The present invention relates to an arithmetic unit included in a digital signal processor to execute division operations.
Recently, with the trend toward introduction of digital systems into the field of mobile communications, the digital signal processor (hereinafter simply referred to as DSP) has been highlighted as a processor to be built in such an apparatus as a portable telephone.
In the digital mobile communications as described above, low power consumption aiming at prolongation of the operation time of a battery used and an improvement in the throughput for execution of a complicated application program in, for example, a voice codec are required of the DSP. Reduction in costs is also required of the DSP.
In the DSP, division is sometimes executed by using a nonrestoring division algorithm (see, for example, "DSP 56116 Digital Signal Processor User's Manual" by Motorola Inc., 1990). An example of a prior art arithmetic unit for dividing data of predetermined n bits by data of n bits pursuant to the nonrestoring division algorithm will be described hereunder with reference to a schematic block diagram shown in FIG. 5.
In FIG. 5, a register 101 having a length of n bits holds a divisor. A register 102 having a length of 2n bits holds "0" at its upper n bits and a dividend at its lower n bits. A shifter 103 shifts data from the register 102 by one bit to the left. In the shifter 103, the least significant bit is initially inserted with "0" and subsequently inserted with an inversion of a positive or negative sign signal indicative of a result of calculation. The upper n bits are delivered to an arithmetic and logic circuit 104 to be described later, and the lower n bits are delivered to the lower bits of the register 102. The arithmetic and logic circuit 104 having a bit length of n is connected to the register 101 and shifter 103, and it performs addition or subtraction in accordance with a signal indicative of positive or negative sign from the register 102 and delivers a result of calculation to the upper n bits of the register 102.
The arithmetic unit constructed as described above and its operation to execute division will be detailed below.
Firstly, the arithmetic and logic circuit 104 decides whether of data held by the register 102 is positive or negative. When the data is positive, it is meant thereby that a divisor could be subtracted. When the data is negative, an operation of shifting the data by one bit to the left and adding the divisor will result in the same calculation as subtraction executed at the data shifted to the left by one bit. Accordingly, the data held by the register 102 is shifted by one bit to the left by means of the shifter 103. After being shifted, in the initial step the least significant bit of the shifter 103 is fulfilled with "0" and in a subsequent step it is inserted with an inversion of a positive or negative signal indicative of a result of calculation.
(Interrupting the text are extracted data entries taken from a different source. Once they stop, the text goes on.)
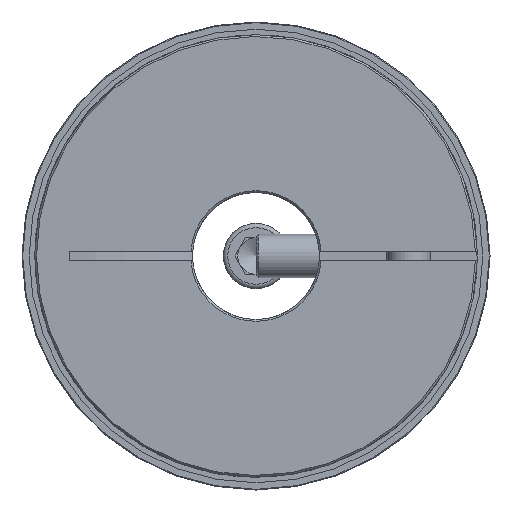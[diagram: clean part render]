
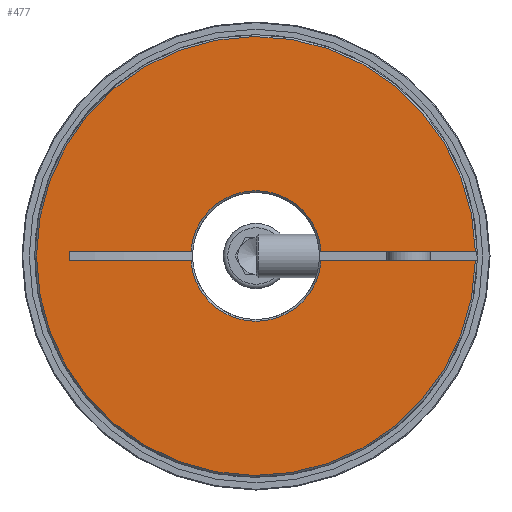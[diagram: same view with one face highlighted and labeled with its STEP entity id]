
A CAD part, left-side view. The second image highlights one B-rep face of the part: STEP entity #477.
In plain terms, the highlighted planar face has unit normal (-1, 0, 0).
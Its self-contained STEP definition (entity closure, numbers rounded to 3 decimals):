
#477 = ADVANCED_FACE( 'NONE', ( #918 ), #919, .F. );
#918 = FACE_OUTER_BOUND( '', #1404, .T. );
#919 = PLANE( '', #1405 );
#1404 = EDGE_LOOP( '', ( #2209, #2210, #2211, #2212, #2213, #2214, #2215, #2216 ) );
#1405 = AXIS2_PLACEMENT_3D( '', #2217, #2218, #2219 );
#2209 = ORIENTED_EDGE( '', *, *, #2791, .T. );
#2210 = ORIENTED_EDGE( '', *, *, #2784, .T. );
#2211 = ORIENTED_EDGE( '', *, *, #2793, .T. );
#2212 = ORIENTED_EDGE( '', *, *, #2794, .T. );
#2213 = ORIENTED_EDGE( '', *, *, #2776, .F. );
#2214 = ORIENTED_EDGE( '', *, *, #2774, .T. );
#2215 = ORIENTED_EDGE( '', *, *, #2780, .F. );
#2216 = ORIENTED_EDGE( '', *, *, #2783, .T. );
#2217 = CARTESIAN_POINT( '', ( 0., 17.5, 0. ) );
#2218 = DIRECTION( '', ( 1., 0., 0. ) );
#2219 = DIRECTION( '', ( 0., 1., 0. ) );
#2774 = EDGE_CURVE( 'NONE', #3161, #3159, #3162, .T. );
#2776 = EDGE_CURVE( 'NONE', #3161, #3164, #3165, .F. );
#2780 = EDGE_CURVE( 'NONE', #3170, #3159, #3171, .F. );
#2783 = EDGE_CURVE( 'NONE', #3170, #3173, #3175, .T. );
#2784 = EDGE_CURVE( 'NONE', #3176, #3177, #3178, .T. );
#2791 = EDGE_CURVE( 'NONE', #3173, #3176, #3186, .T. );
#2793 = EDGE_CURVE( 'NONE', #3177, #3189, #3190, .T. );
#2794 = EDGE_CURVE( 'NONE', #3189, #3164, #3191, .F. );
#3159 = VERTEX_POINT( 'NONE', #4338 );
#3161 = VERTEX_POINT( 'NONE', #4343 );
#3162 = CIRCLE( '', #4344, 18. );
#3164 = VERTEX_POINT( 'NONE', #4349 );
#3165 = LINE( '', #4350, #4351 );
#3170 = VERTEX_POINT( 'NONE', #4360 );
#3171 = LINE( '', #4361, #4362 );
#3173 = VERTEX_POINT( 'NONE', #4364 );
#3175 = LINE( '', #4366, #4367 );
#3176 = VERTEX_POINT( 'NONE', #4368 );
#3177 = VERTEX_POINT( 'NONE', #4369 );
#3178 = CIRCLE( '', #4370, 18. );
#3186 = LINE( '', #4385, #4386 );
#3189 = VERTEX_POINT( 'NONE', #4389 );
#3190 = LINE( '', #4390, #4391 );
#3191 = CIRCLE( '', #4392, 60.5 );
#4338 = CARTESIAN_POINT( '', ( 0., 17.953, -1.3 ) );
#4343 = CARTESIAN_POINT( '', ( 0., -17.953, -1.3 ) );
#4344 = AXIS2_PLACEMENT_3D( '', #4843, #4844, #4845 );
#4349 = CARTESIAN_POINT( '', ( 0., -60.486, -1.3 ) );
#4350 = CARTESIAN_POINT( '', ( 0., -13., -1.3 ) );
#4351 = VECTOR( '', #4846, 1000. );
#4360 = CARTESIAN_POINT( '', ( 0., 51.446, -1.3 ) );
#4361 = CARTESIAN_POINT( '', ( 0., -13., -1.3 ) );
#4362 = VECTOR( '', #4851, 1000. );
#4364 = CARTESIAN_POINT( '', ( 0., 51.446, 1.3 ) );
#4366 = CARTESIAN_POINT( '', ( 0., 51.446, -1.3 ) );
#4367 = VECTOR( '', #4858, 1000. );
#4368 = CARTESIAN_POINT( '', ( 0., 17.953, 1.3 ) );
#4369 = CARTESIAN_POINT( '', ( 0., -17.953, 1.3 ) );
#4370 = AXIS2_PLACEMENT_3D( '', #4859, #4860, #4861 );
#4385 = CARTESIAN_POINT( '', ( 0., 17.5, 1.3 ) );
#4386 = VECTOR( '', #4872, 1000. );
#4389 = CARTESIAN_POINT( '', ( 0., -60.486, 1.3 ) );
#4390 = CARTESIAN_POINT( '', ( 0., 17.5, 1.3 ) );
#4391 = VECTOR( '', #4876, 1000. );
#4392 = AXIS2_PLACEMENT_3D( '', #4877, #4878, #4879 );
#4843 = CARTESIAN_POINT( '', ( 0., 0., 0. ) );
#4844 = DIRECTION( '', ( 1., 0., 0. ) );
#4845 = DIRECTION( '', ( 0., 0., -1. ) );
#4846 = DIRECTION( '', ( 0., 1., 0. ) );
#4851 = DIRECTION( '', ( 0., 1., 0. ) );
#4858 = DIRECTION( '', ( 0., 0., 1. ) );
#4859 = CARTESIAN_POINT( '', ( 0., 0., 0. ) );
#4860 = DIRECTION( '', ( 1., 0., 0. ) );
#4861 = DIRECTION( '', ( 0., 0., -1. ) );
#4872 = DIRECTION( '', ( 0., -1., 0. ) );
#4876 = DIRECTION( '', ( 0., -1., 0. ) );
#4877 = CARTESIAN_POINT( '', ( 0., 0., 0. ) );
#4878 = DIRECTION( '', ( 1., 0., 0. ) );
#4879 = DIRECTION( '', ( 0., 0., -1. ) );

As a result of shifting, the upper n bits correspond to a remainder of an upper digit portion of a dividend and they are delivered to the arithmetic and logic circuit 104. As a result of shifting, the lower n bits correspond to a lower digit portion of the dividend and a number indicative of a quotient result up to the current step and they are delivered to the register 102. Next, if the initially decided value of the register 102 is negative, the value of the register 101 and an output of the shifter 103 are added together by means of the arithmetic and logic circuit 104. If the decided value of the register 102 is non-negative, the value of the register 101 is subtracted from the output of the shifter 103 by means of the arithmetic and logic circuit 104 and a result is stored in the register 102. Thereafter, the sign of the data in the register 102 is again decided. The above operation is repeated (n-1) times and finally, the positive or negative sign of the register 102 is decided. If negative, "0" is set to the least significant bit of the register 102 and if non-negative, "1" is set. As a result, a quotient is stored at the lower n bits of the register 102.
In the prior art example of an arithmetic unit, however, the shifter 103 is required to have a bit length of 2n and a path extending from the shifter 103 to the register 102 is needed, thus increasing the amount of hardware.
Further, which one of addition and subtraction the arithmetic and logic circuit 104 is to perform is controlled by a signal indicative of the positive or negative sign of data held by the register 102, thus making the control operation complicated. In order to realize the complicated control operation, large amount of hardware is needed. The large-sized hardware makes the DSP expensive and has many operating portions, raising a problem that consumptive power is increased.